Published 17 Jul 2024 in cs.IR

Abstract: LLMs excel in various language tasks but they often generate incorrect information, a phenomenon known as "hallucinations". Retrieval-Augmented Generation (RAG) aims to mitigate this by using document retrieval for accurate responses. However, RAG still faces hallucinations due to vague queries. This study aims to improve RAG by optimizing query generation with a query-document alignment score, refining queries using LLMs for better precision and efficiency of document retrieval. Experiments have shown that our approach improves document retrieval, resulting in an average accuracy gain of 1.6%.

Citations (2)

Summary

  • The paper presents QOQA, a framework that leverages LLM-driven query rephrasing and alignment scoring to reduce hallucinations in RAG systems.
  • It employs BM25, dense, and hybrid scores to evaluate query-document alignment, achieving a notable nDCG@10 score improvement on the SciFact dataset.
  • The approach integrates query expansion and optimization to generate precise queries, thereby enhancing document retrieval and factual grounding in generated responses.
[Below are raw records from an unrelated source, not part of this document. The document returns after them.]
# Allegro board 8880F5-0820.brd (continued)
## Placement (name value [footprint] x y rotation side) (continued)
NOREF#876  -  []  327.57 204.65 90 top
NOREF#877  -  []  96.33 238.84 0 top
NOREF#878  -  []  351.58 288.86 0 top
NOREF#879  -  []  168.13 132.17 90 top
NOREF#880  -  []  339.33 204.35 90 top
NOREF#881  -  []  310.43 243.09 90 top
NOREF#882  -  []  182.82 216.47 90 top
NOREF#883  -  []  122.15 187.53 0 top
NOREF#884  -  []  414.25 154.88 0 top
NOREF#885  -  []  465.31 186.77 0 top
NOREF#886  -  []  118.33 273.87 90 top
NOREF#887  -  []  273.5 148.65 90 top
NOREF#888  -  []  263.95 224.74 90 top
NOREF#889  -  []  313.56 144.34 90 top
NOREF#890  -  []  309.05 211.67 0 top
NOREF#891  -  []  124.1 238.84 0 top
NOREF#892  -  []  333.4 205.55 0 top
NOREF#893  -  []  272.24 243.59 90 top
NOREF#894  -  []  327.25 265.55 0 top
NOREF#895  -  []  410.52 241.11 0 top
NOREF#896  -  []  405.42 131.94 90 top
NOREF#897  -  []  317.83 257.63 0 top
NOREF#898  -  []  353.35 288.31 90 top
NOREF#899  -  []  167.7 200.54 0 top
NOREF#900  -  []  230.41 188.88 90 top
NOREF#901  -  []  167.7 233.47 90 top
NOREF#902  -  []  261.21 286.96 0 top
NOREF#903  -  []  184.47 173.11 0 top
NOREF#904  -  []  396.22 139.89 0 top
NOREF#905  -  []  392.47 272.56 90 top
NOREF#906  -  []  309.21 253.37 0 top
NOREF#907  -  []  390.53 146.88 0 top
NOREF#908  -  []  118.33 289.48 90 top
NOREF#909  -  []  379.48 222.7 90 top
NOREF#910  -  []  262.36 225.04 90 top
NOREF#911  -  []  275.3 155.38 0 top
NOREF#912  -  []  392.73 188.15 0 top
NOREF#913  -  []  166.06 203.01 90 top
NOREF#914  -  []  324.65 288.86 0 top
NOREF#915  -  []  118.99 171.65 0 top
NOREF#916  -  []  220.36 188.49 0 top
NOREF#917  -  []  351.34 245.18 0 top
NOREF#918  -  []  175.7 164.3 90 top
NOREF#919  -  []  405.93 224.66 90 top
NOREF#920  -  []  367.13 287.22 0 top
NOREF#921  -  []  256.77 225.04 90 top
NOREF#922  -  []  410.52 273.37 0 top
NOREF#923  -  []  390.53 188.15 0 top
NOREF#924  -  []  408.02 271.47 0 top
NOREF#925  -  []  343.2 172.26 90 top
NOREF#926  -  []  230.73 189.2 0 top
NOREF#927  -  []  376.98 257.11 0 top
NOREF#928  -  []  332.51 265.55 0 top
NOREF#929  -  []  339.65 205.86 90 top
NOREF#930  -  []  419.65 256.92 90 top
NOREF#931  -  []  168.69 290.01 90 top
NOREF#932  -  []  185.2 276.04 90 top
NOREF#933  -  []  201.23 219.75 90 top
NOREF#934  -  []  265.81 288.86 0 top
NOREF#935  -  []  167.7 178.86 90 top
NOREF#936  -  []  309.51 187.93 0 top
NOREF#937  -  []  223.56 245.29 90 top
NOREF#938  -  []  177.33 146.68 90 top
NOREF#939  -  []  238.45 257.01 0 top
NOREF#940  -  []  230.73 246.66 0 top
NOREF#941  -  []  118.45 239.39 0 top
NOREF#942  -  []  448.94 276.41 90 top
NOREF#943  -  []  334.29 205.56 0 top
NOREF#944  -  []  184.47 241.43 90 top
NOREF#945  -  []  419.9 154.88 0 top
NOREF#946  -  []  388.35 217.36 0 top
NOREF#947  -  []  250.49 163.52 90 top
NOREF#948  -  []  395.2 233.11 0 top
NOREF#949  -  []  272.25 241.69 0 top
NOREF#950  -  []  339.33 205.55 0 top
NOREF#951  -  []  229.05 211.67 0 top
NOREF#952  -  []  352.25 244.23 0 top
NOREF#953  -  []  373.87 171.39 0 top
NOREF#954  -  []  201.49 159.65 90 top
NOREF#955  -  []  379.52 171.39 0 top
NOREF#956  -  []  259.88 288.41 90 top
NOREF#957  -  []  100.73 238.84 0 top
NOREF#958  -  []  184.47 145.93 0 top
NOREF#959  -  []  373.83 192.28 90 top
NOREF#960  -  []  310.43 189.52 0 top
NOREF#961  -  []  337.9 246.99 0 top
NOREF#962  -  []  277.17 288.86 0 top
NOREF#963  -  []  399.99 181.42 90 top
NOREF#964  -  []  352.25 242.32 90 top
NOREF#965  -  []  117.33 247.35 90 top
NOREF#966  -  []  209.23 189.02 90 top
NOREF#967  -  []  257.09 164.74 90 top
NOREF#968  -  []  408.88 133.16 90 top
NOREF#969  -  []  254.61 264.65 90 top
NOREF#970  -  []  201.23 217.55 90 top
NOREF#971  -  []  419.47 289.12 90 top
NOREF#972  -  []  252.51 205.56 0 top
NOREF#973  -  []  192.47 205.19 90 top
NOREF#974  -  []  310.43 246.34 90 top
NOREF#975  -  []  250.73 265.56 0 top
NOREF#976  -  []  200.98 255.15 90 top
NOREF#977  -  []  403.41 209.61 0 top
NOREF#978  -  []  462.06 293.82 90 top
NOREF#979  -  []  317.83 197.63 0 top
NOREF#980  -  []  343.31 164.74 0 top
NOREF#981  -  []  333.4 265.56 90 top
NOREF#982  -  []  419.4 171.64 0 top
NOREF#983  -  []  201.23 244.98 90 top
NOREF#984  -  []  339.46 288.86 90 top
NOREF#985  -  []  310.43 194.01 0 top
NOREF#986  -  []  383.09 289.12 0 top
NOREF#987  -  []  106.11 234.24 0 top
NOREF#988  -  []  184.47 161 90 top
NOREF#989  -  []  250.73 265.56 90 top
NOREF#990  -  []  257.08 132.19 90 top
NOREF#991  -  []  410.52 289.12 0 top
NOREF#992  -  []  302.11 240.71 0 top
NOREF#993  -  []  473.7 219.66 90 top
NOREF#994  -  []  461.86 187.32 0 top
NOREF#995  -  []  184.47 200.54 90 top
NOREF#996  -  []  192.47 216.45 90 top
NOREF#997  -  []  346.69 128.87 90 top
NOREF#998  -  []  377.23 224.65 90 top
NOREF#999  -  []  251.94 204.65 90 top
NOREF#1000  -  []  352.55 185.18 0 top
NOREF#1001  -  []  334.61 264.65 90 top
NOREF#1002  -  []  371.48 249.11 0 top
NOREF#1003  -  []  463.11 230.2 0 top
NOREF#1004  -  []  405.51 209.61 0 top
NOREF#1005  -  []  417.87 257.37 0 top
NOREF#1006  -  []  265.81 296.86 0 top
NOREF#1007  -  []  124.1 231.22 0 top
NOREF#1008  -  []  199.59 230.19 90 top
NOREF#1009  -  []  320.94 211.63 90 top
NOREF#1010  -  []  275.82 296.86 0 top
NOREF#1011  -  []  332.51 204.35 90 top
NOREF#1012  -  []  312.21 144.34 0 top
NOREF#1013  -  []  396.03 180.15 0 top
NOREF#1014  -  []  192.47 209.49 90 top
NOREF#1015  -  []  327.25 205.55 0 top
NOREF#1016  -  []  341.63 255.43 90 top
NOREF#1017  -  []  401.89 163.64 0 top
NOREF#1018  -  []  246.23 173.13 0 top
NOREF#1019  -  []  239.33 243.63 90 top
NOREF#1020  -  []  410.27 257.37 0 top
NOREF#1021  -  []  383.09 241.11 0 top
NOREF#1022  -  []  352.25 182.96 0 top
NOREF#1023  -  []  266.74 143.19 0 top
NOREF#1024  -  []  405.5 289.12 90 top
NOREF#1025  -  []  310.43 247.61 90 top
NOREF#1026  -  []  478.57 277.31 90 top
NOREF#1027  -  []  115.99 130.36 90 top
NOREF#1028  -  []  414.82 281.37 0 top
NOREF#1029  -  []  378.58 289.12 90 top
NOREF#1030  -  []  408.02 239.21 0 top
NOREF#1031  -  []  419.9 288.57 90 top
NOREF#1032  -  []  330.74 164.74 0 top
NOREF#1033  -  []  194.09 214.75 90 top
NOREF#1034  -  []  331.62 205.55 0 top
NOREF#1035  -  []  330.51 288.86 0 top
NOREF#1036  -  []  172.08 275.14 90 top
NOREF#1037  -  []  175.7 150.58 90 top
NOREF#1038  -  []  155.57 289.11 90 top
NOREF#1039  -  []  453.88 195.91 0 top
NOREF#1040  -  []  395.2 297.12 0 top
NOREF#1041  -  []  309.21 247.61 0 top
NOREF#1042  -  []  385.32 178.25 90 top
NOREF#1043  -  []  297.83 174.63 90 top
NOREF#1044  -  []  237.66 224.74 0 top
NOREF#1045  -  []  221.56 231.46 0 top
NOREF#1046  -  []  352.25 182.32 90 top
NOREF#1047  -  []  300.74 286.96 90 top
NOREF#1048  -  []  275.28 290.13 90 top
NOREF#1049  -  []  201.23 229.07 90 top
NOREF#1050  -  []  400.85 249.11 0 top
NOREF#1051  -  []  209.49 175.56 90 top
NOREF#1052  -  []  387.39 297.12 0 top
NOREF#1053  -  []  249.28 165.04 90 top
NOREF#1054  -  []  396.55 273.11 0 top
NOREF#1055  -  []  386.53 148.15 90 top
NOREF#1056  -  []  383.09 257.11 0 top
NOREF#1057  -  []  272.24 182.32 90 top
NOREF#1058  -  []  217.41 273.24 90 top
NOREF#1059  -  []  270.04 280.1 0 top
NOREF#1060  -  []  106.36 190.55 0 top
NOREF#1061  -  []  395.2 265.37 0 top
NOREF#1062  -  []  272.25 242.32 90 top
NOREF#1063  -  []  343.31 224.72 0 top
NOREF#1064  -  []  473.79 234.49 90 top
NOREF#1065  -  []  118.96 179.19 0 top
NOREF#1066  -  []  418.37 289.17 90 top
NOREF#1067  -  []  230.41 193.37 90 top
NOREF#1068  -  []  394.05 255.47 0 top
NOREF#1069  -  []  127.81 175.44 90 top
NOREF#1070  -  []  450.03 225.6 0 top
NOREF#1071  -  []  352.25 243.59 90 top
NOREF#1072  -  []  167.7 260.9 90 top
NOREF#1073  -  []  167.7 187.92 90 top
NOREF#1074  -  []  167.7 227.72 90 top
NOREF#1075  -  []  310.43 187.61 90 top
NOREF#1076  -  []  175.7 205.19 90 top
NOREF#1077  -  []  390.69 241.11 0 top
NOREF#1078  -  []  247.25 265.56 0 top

Optimizing Query Generation for Enhanced Document Retrieval in RAG

The research introduces an innovative approach to addressing hallucinations in Retrieval-Augmented Generation (RAG) systems by optimizing query generation. RAG combines document retrieval with language generation to improve the factual accuracy of responses by grounding them in external documents. However, existing RAG systems often suffer from vague or ambiguous queries, leading to hallucinations in the generated output. This paper proposes Query Optimization using Query expAnsion (QOQA) to generate precise queries that enhance document retrieval.

Introduction

LLMs have excelled in various NLP tasks, but their susceptibility to generating incorrect information, known as hallucinations, remains a significant challenge. Retrieval-Augmented Generation (RAG) partially mitigates this issue by providing factual grounding through document retrieval. However, inaccurate queries can still result in hallucinations, highlighting a critical limitation in current RAG implementations. The paper addresses this limitation by introducing QOQA, which employs query expansion and optimization to improve the precision of document retrieval in RAG systems by utilizing a query-document alignment score to guide the refinement process. Figure 1

Figure 1: Concept figure of QOQA. Given expansion query with top-k docs, we add top-3 rephrased queries and scores to LLM. We optimize the query based on the scores and generate the rephrased query.

Query Optimization using Query Expansion

Query Optimization with LLM

The QOQA method begins by generating multiple rephrased versions of an original query using a LLM. These rephrased queries are evaluated for their alignment with retrieved documents using a scoring function, and the best-performing rephrased queries are retained. The process involves creating an expanded query that includes information from the top retrieved documents, which helps in generating more precise reformulations. The rephrased queries undergo an optimization process, whereby high-score queries expand the query bucket, improving the overall retrieval precision. Prompt templates (Figure 2) are utilized to dynamically adjust the information provided to the LLM, ensuring the most effective query generation. Figure 2

Figure 2: Prompt template used in QOQA. The black texts describe instructions of the optimizing task. The blue texts show the original query with top-N retrieved documents.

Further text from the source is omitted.